KAN-TTS - Create Custom Text-to-Speech Models with Multi-Language Support

Project Introduction: KAN-TTS

KAN-TTS is a powerful tool designed to help users train their own Text-to-Speech (TTS) models from scratch. Its aim is to simplify the process of developing customized TTS solutions, empowering users to create high-quality audio outputs from text input.

Supported Models

KAN-TTS currently supports two key models: sam-bert and hifi-GAN. These models are integral to producing clear and natural-sounding speech. The platform is actively developing and will be introducing more models in the near future.

Supported Languages

KAN-TTS offers support for a diverse range of languages, ensuring users can work with models that cater to various linguistic preferences. Here are the supported languages along with links to their respective models on ModelScope:

Mandarin: Model Link
English: Model Link
British English: Model Link
Shanghainese: Model Link
Sichuanese: Model Link
Cantonese: Model Link
Italian: Model Link
Spanish: Model Link
Russian: Model Link
Korean: Model Link

The platform continues to expand its language offerings, with more languages expected to be added soon.

Training Tutorial

For users interested in learning how to train their own TTS models, KAN-TTS provides a comprehensive training tutorial available on their Wiki page. This tutorial guides users through the process, ensuring they have the necessary tools and knowledge to efficiently train their models.

ModelScope Demo

To experience the capabilities of KAN-TTS, users are encouraged to try out the demo available on ModelScope.

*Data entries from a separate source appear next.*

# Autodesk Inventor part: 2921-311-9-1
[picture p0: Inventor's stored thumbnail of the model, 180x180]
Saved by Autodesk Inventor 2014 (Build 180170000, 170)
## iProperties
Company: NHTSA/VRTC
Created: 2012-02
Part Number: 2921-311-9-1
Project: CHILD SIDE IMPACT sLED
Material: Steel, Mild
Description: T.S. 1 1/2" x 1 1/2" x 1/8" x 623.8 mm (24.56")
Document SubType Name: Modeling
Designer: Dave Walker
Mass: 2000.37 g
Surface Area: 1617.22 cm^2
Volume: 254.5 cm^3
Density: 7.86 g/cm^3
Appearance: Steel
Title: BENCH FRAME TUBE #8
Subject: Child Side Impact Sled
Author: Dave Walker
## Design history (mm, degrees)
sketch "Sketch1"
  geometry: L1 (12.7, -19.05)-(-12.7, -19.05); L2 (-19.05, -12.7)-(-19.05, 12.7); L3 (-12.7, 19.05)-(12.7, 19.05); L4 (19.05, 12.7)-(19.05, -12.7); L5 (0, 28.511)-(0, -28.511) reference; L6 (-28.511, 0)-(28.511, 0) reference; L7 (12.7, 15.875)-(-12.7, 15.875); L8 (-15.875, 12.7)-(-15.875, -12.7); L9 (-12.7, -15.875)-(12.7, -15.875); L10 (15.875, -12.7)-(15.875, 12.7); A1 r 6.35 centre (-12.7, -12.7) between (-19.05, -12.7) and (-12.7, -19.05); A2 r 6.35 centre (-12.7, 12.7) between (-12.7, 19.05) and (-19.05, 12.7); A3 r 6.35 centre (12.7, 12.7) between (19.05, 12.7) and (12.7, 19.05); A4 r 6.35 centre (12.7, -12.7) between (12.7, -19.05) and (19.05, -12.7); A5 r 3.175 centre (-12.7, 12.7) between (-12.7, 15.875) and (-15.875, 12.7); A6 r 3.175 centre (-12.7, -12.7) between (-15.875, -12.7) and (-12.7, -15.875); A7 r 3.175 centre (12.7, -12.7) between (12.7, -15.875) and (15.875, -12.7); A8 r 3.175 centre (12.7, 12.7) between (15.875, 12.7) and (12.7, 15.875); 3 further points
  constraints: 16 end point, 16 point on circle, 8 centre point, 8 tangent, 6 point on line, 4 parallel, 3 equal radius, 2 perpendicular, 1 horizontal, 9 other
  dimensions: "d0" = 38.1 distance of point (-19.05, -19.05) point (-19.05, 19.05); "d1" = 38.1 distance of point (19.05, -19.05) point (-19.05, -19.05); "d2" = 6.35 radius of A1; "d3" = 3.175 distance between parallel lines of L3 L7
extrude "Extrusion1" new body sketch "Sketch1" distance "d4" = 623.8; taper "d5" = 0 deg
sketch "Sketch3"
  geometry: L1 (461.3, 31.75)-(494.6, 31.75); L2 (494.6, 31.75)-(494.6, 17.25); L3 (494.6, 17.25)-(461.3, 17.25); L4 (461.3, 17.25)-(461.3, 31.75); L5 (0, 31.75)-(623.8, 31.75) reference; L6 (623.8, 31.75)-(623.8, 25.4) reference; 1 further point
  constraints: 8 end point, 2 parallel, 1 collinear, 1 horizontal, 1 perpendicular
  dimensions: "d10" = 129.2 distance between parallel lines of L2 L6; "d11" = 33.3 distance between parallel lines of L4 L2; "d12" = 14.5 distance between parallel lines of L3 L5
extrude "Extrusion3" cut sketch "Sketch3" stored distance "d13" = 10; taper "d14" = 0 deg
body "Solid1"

This demo showcases the platform's TTS capabilities and can be accessed here.

Contribution and Contact

For those interested in contributing to the KAN-TTS project, the setup process involves installing dependencies using:

pip install -r requirements.txt
pre-commit install

The project welcomes contributions and is open to community engagement. For questions or further communication, KAN-TTS offers an option to join their DingTalk group by scanning a QR code provided in their documentation.

By bringing together a robust model support structure and multilingual capabilities, KAN-TTS stands as a versatile and expanding tool for anyone looking to explore the world of text-to-speech technology.